*** Begin section ***

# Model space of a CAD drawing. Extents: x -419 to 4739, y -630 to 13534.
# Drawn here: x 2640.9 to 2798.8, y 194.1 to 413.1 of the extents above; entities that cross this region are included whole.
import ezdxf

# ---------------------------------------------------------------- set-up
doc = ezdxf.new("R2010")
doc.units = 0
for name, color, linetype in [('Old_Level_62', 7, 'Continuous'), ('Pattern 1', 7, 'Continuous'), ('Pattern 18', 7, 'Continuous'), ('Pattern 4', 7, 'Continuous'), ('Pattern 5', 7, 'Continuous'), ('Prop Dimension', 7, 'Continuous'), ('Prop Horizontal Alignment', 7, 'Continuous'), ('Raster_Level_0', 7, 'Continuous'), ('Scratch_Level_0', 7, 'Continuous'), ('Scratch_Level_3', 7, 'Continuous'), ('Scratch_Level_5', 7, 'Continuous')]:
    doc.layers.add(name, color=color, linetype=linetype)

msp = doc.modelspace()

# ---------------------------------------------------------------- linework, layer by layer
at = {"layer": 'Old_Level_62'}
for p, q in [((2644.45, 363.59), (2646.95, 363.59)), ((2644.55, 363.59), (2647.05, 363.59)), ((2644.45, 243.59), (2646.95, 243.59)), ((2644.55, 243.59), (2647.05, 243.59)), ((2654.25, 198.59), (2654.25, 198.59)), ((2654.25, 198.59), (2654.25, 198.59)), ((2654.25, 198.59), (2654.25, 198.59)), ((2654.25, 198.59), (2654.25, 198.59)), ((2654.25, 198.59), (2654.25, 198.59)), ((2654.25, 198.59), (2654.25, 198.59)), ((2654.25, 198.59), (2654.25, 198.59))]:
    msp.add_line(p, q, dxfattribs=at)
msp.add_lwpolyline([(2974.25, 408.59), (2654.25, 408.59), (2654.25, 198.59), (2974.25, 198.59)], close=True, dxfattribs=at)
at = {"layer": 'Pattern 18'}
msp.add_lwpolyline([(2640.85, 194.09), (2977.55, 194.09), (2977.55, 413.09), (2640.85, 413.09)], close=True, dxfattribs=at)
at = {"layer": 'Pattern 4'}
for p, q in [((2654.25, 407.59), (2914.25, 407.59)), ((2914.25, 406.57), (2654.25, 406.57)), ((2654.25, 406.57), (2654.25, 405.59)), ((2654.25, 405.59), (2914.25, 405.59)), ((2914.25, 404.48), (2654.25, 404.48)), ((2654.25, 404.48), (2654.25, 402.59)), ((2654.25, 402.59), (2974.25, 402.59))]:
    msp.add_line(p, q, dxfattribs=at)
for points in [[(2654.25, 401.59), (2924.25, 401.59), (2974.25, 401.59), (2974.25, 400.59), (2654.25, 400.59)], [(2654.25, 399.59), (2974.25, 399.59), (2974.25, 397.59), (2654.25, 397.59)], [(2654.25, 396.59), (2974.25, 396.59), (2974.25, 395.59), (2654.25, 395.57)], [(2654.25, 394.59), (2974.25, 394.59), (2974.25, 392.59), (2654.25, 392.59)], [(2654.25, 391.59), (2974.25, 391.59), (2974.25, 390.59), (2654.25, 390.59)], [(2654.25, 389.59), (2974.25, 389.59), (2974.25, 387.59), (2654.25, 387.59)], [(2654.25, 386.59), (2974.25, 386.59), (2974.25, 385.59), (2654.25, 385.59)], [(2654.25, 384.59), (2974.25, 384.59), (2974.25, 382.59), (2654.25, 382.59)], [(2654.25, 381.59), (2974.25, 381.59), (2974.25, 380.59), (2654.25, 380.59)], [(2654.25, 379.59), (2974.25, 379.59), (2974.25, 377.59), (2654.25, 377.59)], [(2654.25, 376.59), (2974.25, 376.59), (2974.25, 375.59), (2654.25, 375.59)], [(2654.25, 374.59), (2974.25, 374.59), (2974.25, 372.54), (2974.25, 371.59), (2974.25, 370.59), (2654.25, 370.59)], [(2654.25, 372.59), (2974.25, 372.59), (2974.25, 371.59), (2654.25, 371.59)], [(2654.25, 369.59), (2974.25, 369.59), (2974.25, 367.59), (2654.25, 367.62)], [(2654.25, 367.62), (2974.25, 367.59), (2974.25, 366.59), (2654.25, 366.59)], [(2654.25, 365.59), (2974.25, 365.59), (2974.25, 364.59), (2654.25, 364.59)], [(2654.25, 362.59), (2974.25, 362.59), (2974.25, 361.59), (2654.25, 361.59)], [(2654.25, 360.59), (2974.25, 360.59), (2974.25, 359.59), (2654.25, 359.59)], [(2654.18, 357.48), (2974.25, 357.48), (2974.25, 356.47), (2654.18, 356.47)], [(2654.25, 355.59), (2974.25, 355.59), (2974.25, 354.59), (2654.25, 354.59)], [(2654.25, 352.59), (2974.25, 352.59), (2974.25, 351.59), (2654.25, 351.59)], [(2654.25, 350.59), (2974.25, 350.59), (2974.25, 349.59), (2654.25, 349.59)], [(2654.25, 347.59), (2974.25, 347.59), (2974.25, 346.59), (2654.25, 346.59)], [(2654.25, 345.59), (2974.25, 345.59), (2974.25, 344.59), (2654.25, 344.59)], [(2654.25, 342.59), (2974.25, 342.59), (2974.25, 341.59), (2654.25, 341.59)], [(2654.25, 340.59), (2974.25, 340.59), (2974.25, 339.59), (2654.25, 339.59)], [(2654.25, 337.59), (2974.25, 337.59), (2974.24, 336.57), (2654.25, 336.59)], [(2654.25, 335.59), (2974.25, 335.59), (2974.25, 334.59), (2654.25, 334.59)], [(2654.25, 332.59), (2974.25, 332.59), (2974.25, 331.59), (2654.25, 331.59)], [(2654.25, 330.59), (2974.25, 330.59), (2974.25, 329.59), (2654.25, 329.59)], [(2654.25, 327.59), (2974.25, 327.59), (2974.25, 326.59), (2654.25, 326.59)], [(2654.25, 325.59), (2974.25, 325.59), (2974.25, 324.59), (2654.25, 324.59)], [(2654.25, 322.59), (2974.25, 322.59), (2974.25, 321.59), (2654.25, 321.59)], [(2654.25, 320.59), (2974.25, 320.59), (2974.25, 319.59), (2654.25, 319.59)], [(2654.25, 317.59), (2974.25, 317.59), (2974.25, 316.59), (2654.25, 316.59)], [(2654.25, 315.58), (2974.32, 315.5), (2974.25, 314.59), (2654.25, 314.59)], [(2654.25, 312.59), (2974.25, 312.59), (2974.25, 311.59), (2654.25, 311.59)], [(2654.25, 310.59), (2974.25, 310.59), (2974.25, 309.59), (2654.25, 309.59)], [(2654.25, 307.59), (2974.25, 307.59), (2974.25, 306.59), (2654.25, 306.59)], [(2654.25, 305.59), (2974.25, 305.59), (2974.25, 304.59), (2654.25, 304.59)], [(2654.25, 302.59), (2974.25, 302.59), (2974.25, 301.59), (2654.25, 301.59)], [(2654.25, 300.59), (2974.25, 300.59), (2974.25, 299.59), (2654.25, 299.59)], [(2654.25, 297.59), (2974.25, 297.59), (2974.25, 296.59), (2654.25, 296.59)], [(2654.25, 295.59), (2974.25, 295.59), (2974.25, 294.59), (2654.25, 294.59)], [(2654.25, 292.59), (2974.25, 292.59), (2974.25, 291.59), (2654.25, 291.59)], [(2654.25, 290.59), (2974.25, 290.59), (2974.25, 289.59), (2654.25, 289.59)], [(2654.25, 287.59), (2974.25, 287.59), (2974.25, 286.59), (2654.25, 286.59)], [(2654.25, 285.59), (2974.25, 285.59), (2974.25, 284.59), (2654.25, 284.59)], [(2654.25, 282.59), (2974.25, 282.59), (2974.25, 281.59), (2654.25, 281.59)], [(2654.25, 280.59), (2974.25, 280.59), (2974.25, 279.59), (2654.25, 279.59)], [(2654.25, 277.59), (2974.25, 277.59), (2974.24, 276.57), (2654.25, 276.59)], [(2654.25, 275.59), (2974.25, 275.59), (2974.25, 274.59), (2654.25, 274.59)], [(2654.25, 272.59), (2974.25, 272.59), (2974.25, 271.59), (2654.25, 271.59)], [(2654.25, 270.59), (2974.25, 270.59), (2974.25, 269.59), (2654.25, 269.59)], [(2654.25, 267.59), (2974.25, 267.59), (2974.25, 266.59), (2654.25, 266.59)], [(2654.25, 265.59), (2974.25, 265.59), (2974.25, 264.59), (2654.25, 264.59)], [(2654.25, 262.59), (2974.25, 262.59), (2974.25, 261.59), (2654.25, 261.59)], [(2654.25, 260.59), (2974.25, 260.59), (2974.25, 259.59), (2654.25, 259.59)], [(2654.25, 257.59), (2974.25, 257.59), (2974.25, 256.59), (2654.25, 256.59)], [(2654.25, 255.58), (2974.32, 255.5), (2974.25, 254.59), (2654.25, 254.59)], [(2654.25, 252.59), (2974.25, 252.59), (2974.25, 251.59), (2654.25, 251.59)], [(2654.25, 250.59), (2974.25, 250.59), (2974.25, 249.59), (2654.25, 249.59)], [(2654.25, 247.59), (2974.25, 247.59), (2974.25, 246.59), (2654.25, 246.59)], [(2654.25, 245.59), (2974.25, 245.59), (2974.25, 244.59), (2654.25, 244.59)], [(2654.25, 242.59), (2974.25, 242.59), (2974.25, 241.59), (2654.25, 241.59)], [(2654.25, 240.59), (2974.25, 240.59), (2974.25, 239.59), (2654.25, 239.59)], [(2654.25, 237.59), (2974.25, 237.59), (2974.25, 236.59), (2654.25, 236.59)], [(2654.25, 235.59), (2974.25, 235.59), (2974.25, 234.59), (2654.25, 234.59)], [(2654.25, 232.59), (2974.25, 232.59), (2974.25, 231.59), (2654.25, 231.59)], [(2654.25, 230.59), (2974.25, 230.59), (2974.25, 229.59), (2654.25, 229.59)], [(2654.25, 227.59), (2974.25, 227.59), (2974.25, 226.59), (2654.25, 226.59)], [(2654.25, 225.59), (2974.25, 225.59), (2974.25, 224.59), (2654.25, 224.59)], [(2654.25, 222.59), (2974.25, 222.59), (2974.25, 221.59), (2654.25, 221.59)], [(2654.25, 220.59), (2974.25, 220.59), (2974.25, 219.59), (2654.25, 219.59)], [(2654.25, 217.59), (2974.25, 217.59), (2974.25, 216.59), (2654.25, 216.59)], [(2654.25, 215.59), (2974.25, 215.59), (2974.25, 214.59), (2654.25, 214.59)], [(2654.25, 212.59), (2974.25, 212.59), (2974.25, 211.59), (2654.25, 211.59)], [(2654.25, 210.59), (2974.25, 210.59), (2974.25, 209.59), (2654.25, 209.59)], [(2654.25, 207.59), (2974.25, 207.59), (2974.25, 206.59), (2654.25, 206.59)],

*** End section ***

Exercise description :: Report each line of the listing above that uses the word "dxfattribs".

Solution ::
    msp.add_line(p, q, dxfattribs=at)
msp.add_lwpolyline([(2974.25, 408.59), (2654.25, 408.59), (2654.25, 198.59), (2974.25, 198.59)], close=True, dxfattribs=at)
msp.add_lwpolyline([(2640.85, 194.09), (2977.55, 194.09), (2977.55, 413.09), (2640.85, 413.09)], close=True, dxfattribs=at)
    msp.add_line(p, q, dxfattribs=at)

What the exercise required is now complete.